Imagínense por un momento. La noche africana cubre de calma el sueño de los animales. Varios leones duermen acostados, unos sobre otros, sin más temor que al frío relente de la madrugada.

Dos hembras destacan del grupo por su abultada barriga. La próxima luna, sin más comadrona que su instinto, parirá cada una su propia camada.

De pronto, un ruido les despierta. Del cielo parece llover sabrosa comida. Olisquean la misma. Es carne. Aún está fresca. No lo dudan, comienzan a devorarla con ansia. En el mundo de los depredadores, nunca sabes si el alimento que hoy tienes, lo tendrás también mañana. El hambre nunca perdona.

Al otro lado del muro, varios hombres susurran -¡Ya están comiendo!- dice uno de ellos. Son cazadores furtivos que esta vez han cambiado los rifles por un arma más silenciosa y letal. Sí, la carne que les lanzan está envenenada.

Minutos más tarde, los animales comienzan a caer desplomados. Los hombres se asoman. Los leones se retuercen de dolor en el suelo. Sonríen. El veneno ya recorre sin freno sus cuerpos, mientras la hemorragia interna está haciendo su trabajo.

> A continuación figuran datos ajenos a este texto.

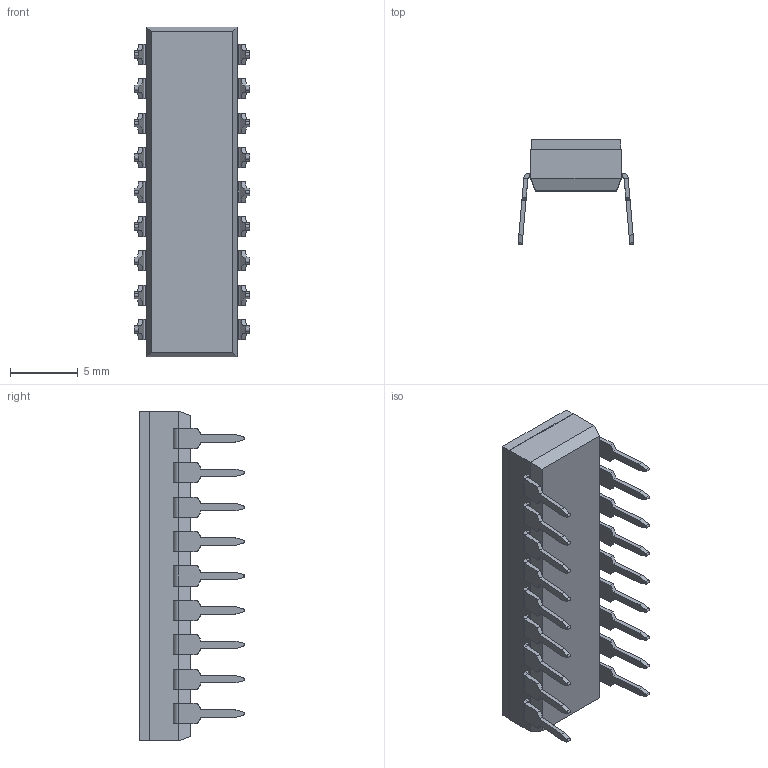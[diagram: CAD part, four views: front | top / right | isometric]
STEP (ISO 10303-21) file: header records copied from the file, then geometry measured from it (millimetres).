
FILE_DESCRIPTION (( 'STEP AP203' ), '1' );
FILE_NAME ('209-9LPS.STEP', '2019-05-24T07:18:37', ( '' ), ( '' ), 'SwSTEP 2.0', 'SolidWorks 2019', '' );
FILE_SCHEMA (( 'CONFIG_CONTROL_DESIGN' ));
Length unit declared in the file: millimetre
Products named in the file (5): 209-83-001-06-01 lead frame; 209-9LPS; 209-02-209 mold housing for 209; 209-40-209 for 209; 219-56-001
Assembly tree (20 placements, depth 2):
  209-9LPS
    209-02-209 mold housing for 209
    209-40-209 for 209
    219-56-001  x9
    209-83-001-06-01 lead frame  x9
Bounding box: 8.55 x 7.76 x 24.34 mm (x, y, z)
Volume: 525.1 mm3; surface area: 1721 mm2
Topology: 29 solids, 29 shells, 1247 faces, 3191 edges, 2018 vertices
Faces by surface type: plane 789, bspline 224, cylinder 198, sphere 36
Entity records: 29290 total; most frequent: CARTESIAN_POINT 16075, ORIENTED_EDGE 2918, DIRECTION 1755, EDGE_CURVE 1459, VECTOR 967, LINE 967, VERTEX_POINT 962, EDGE_LOOP 617
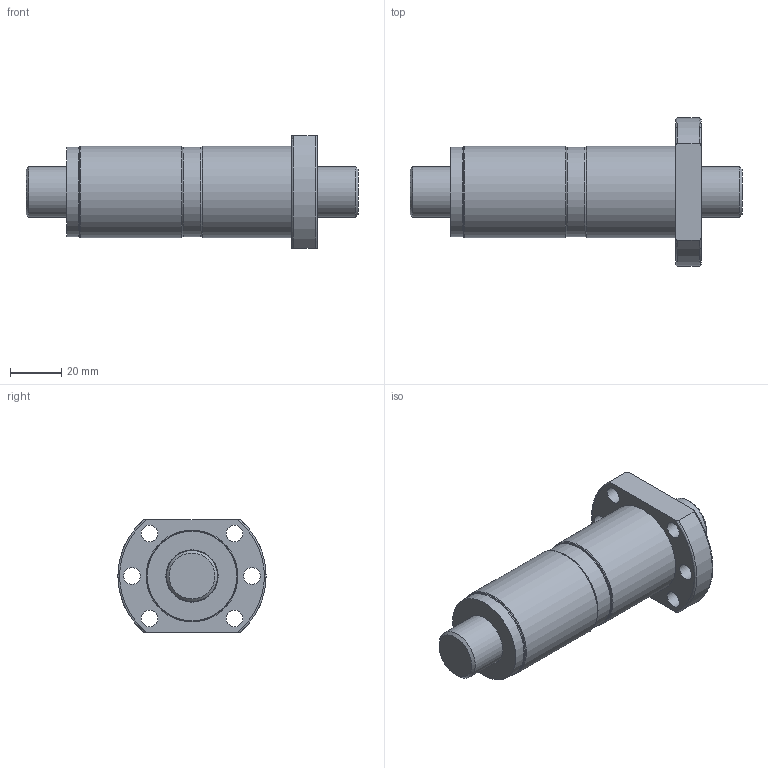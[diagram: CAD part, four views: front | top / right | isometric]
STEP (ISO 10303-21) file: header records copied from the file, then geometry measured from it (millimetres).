
FILE_DESCRIPTION(/* description */ (''),/* implementation_level */ '2;1');
FILE_NAME(/* name */ 'DFS2006',/* time_stamp */ '2007-10-26T13:33:03+08:00',/* author */ (''),/* organization */ (''),/* preprocessor_version */ 'ST-DEVELOPER v9',/* originating_system */ 'UGS - NX 3.0',/* authorisation */ '');
FILE_SCHEMA (('CONFIG_CONTROL_DESIGN'));
Length unit declared in the file: millimetre
Products named in the file (1): jaso15A4i31u
Bounding box: 130 x 58 x 44 mm (x, y, z)
Volume: 112708.2 mm3; surface area: 38820.2 mm2
Topology: 7 solids, 7 shells, 51 faces, 103 edges, 68 vertices
Faces by surface type: cylinder 22, plane 18, torus 9, cone 2
Full cylindrical faces by diameter (mm): 6.6 x6, 20 x1, 20.3 x1, 20.5 x2, 22 x2, 23 x1, 35 x4, 36 x3
Entity records: 1432 total; most frequent: CARTESIAN_POINT 336, DIRECTION 222, ORIENTED_EDGE 142, AXIS2_PLACEMENT_3D 107, EDGE_LOOP 104, FACE_BOUND 78, EDGE_CURVE 71, VERTEX_POINT 63
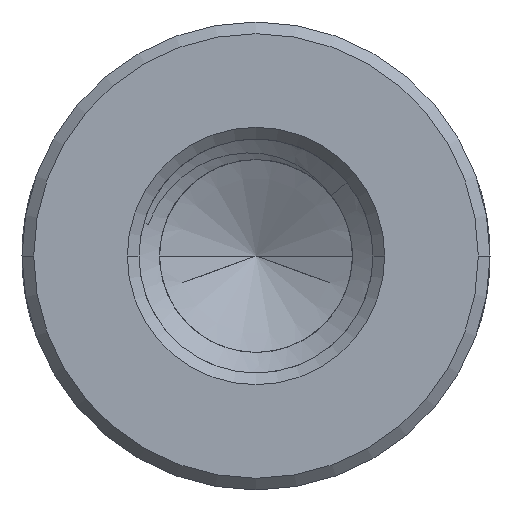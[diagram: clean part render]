
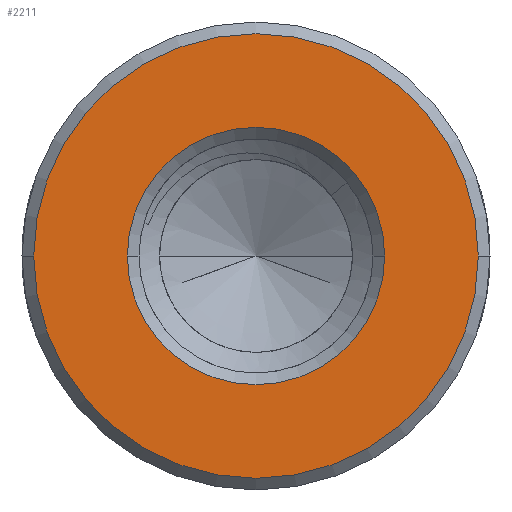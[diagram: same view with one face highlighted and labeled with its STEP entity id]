
A CAD part, front view. The second image highlights one B-rep face of the part: STEP entity #2211.
In plain terms, the highlighted planar face has unit normal (0, -1, 0).
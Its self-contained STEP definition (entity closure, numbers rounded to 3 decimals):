
#1=CARTESIAN_POINT('',(0.,-30.,0.));
#2=DIRECTION('',(0.,-1.,0.));
#3=DIRECTION('',(-1.,0.,0.));
#4=AXIS2_PLACEMENT_3D('',#1,#2,#3);
#6=CARTESIAN_POINT('',(0.,-30.,0.));
#7=DIRECTION('',(0.,-1.,0.));
#8=DIRECTION('',(1.,0.,0.));
#9=AXIS2_PLACEMENT_3D('',#6,#7,#8);
#11=CARTESIAN_POINT('',(0.,-30.,0.));
#12=DIRECTION('',(0.,1.,0.));
#13=DIRECTION('',(-1.,0.,0.));
#14=AXIS2_PLACEMENT_3D('',#11,#12,#13);
#16=CARTESIAN_POINT('',(0.,-30.,0.));
#17=DIRECTION('',(0.,1.,0.));
#18=DIRECTION('',(1.,0.,0.));
#19=AXIS2_PLACEMENT_3D('',#16,#17,#18);
#2055=CARTESIAN_POINT('',(-5.7,-30.,0.));
#2056=CARTESIAN_POINT('',(5.7,-30.,0.));
#2057=VERTEX_POINT('',#2055);
#2058=VERTEX_POINT('',#2056);
#2147=CARTESIAN_POINT('',(-3.3,-30.,0.));
#2148=CARTESIAN_POINT('',(3.3,-30.,0.));
#2149=VERTEX_POINT('',#2147);
#2150=VERTEX_POINT('',#2148);
#2194=CARTESIAN_POINT('',(0.,-30.,0.));
#2195=DIRECTION('',(0.,1.,0.));
#2196=DIRECTION('',(1.,0.,0.));
#2197=AXIS2_PLACEMENT_3D('',#2194,#2195,#2196);
#2198=PLANE('',#2197);
#2200=ORIENTED_EDGE('',*,*,#2199,.F.);
#2202=ORIENTED_EDGE('',*,*,#2201,.F.);
#2203=EDGE_LOOP('',(#2200,#2202));
#2204=FACE_OUTER_BOUND('',#2203,.F.);
#2206=ORIENTED_EDGE('',*,*,#2205,.F.);
#2208=ORIENTED_EDGE('',*,*,#2207,.F.);
#2209=EDGE_LOOP('',(#2206,#2208));
#2210=FACE_BOUND('',#2209,.F.);
#2211=ADVANCED_FACE('',(#2204,#2210),#2198,.F.);
#5=CIRCLE('',#4,5.7);
#10=CIRCLE('',#9,5.7);
#15=CIRCLE('',#14,3.3);
#20=CIRCLE('',#19,3.3);
#2199=EDGE_CURVE('',#2057,#2058,#5,.T.);
#2201=EDGE_CURVE('',#2058,#2057,#10,.T.);
#2205=EDGE_CURVE('',#2149,#2150,#15,.T.);
#2207=EDGE_CURVE('',#2150,#2149,#20,.T.);

Saltan dentro. Los animales aún respiran pero sus cuerpos han quedado paralizados. No hay peligro ni tiempo para esperar a que dejen de respirar. Del cinturón desenfundan cuchillos y machetes. No buscan, como otras veces, sus cabezas convertidas en trofeos. Esta vez el encargo es más preciso. Sólo colmillos, patas, garras y hocicos. El comprador, un importante brujo, prometerá fuerza, vigor y agilidad a aquellos que los consuman. Es el mercado que manda y demanda. Sin embargo, el esqueleto de cada uno de los leones aun viajará bastante. En Sudáfrica se venderían a 1.000 euros. No es poco dinero pero, cuando el chamán los envíe a Asia convertidos en pócimas milagrosas, alcanzará cada uno el valor de 60.000 euros. A partir de ahí, sólo resta multiplicar esa cifra por cada uno de los leones caídos. Casi un millón de euros. Es el negocio de la vida o, mejor dicho, de la muerte. No hay piedad cuando el dinero se convierte en crueldad.